Entries supplied Start Marker

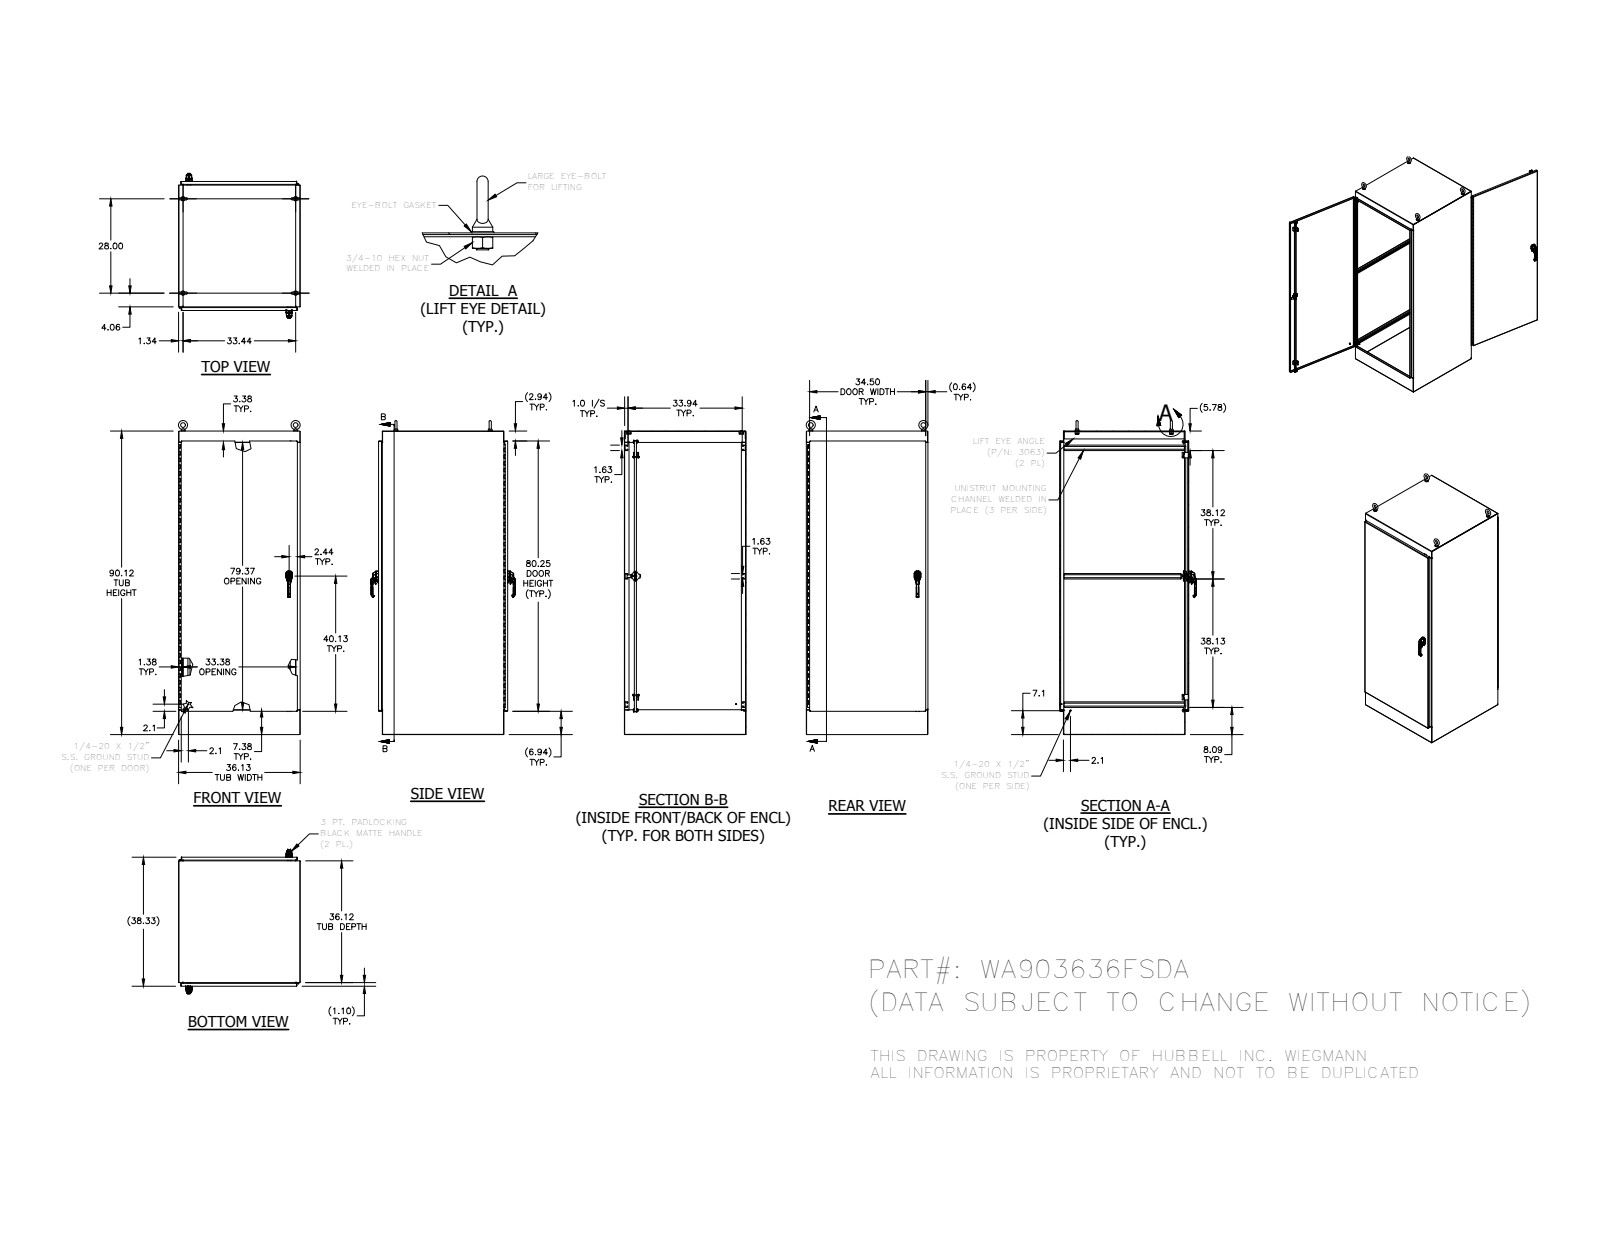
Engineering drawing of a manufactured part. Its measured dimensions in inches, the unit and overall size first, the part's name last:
Units: inches
Overall size (bounding box): 93.248 × 42.871 × 36.125
Round holes (diameter × count): ⌀0.276 ×16, ⌀0.375 ×16, ⌀0.2 ×8, ⌀0.213 ×6, ⌀0.236 ×6, ⌀0.28 ×6, ⌀0.241 ×4, ⌀0.25 ×4, ⌀0.252 ×4, ⌀0.4 ×4, ⌀0.407 ×4, ⌀0.413 ×4
Round bosses / shafts (diameter × count): ⌀1.25 ×4, ⌀1.12 ×4, ⌀1 ×4, ⌀0.75 ×4, ⌀0.563 ×4, ⌀0.526 ×4, ⌀0.5 ×4, ⌀0.375 ×4
Partial cylindrical surfaces — rounded edges, fillets, slot ends (radius × count): R0.02 ×333, R0.012 ×174, R0.019 ×38, R0.01 ×32, R0.079 ×30, R0.05 ×28, R0.031 ×26, R0.118 ×24
Main face-to-face distances: 0.094, 36.031, 0.125, 38.209, 35.938, 36.125, 38.084, 38.334, 90.031, 89.937
Hole centre spacings: 35.33, 38.386, 26, 43.001, 8.667, 17.333, 34.25, 8.667
Volume: 1 917 in³ · Surface area: 37 290 in²
Bodies: 90 solids, 5748 faces (2382 planar, 2010 cylindrical, 1356 other)
Part name (STEP PRODUCT): WA9036FSDALRS; WA3636FSDABTM; WA3636FSDATOP; WA9036FSDADR (+8 more)
STEP written by: Autodesk Inventor 2014 (AUTOMOTIVE_DESIGN)

Entries supplied End Marker

-- Your task --
The records above should be returned word for word, with every picture left out.

-- Solved exercise --
Engineering drawing of a manufactured part. Its measured dimensions in inches, the unit and overall size first, the part's name last:
Units: inches
Overall size (bounding box): 93.248 × 42.871 × 36.125
Round holes (diameter × count): ⌀0.276 ×16, ⌀0.375 ×16, ⌀0.2 ×8, ⌀0.213 ×6, ⌀0.236 ×6, ⌀0.28 ×6, ⌀0.241 ×4, ⌀0.25 ×4, ⌀0.252 ×4, ⌀0.4 ×4, ⌀0.407 ×4, ⌀0.413 ×4
Round bosses / shafts (diameter × count): ⌀1.25 ×4, ⌀1.12 ×4, ⌀1 ×4, ⌀0.75 ×4, ⌀0.563 ×4, ⌀0.526 ×4, ⌀0.5 ×4, ⌀0.375 ×4
Partial cylindrical surfaces — rounded edges, fillets, slot ends (radius × count): R0.02 ×333, R0.012 ×174, R0.019 ×38, R0.01 ×32, R0.079 ×30, R0.05 ×28, R0.031 ×26, R0.118 ×24
Main face-to-face distances: 0.094, 36.031, 0.125, 38.209, 35.938, 36.125, 38.084, 38.334, 90.031, 89.937
Hole centre spacings: 35.33, 38.386, 26, 43.001, 8.667, 17.333, 34.25, 8.667
Volume: 1 917 in³ · Surface area: 37 290 in²
Bodies: 90 solids, 5748 faces (2382 planar, 2010 cylindrical, 1356 other)
Part name (STEP PRODUCT): WA9036FSDALRS; WA3636FSDABTM; WA3636FSDATOP; WA9036FSDADR (+8 more)
STEP written by: Autodesk Inventor 2014 (AUTOMOTIVE_DESIGN)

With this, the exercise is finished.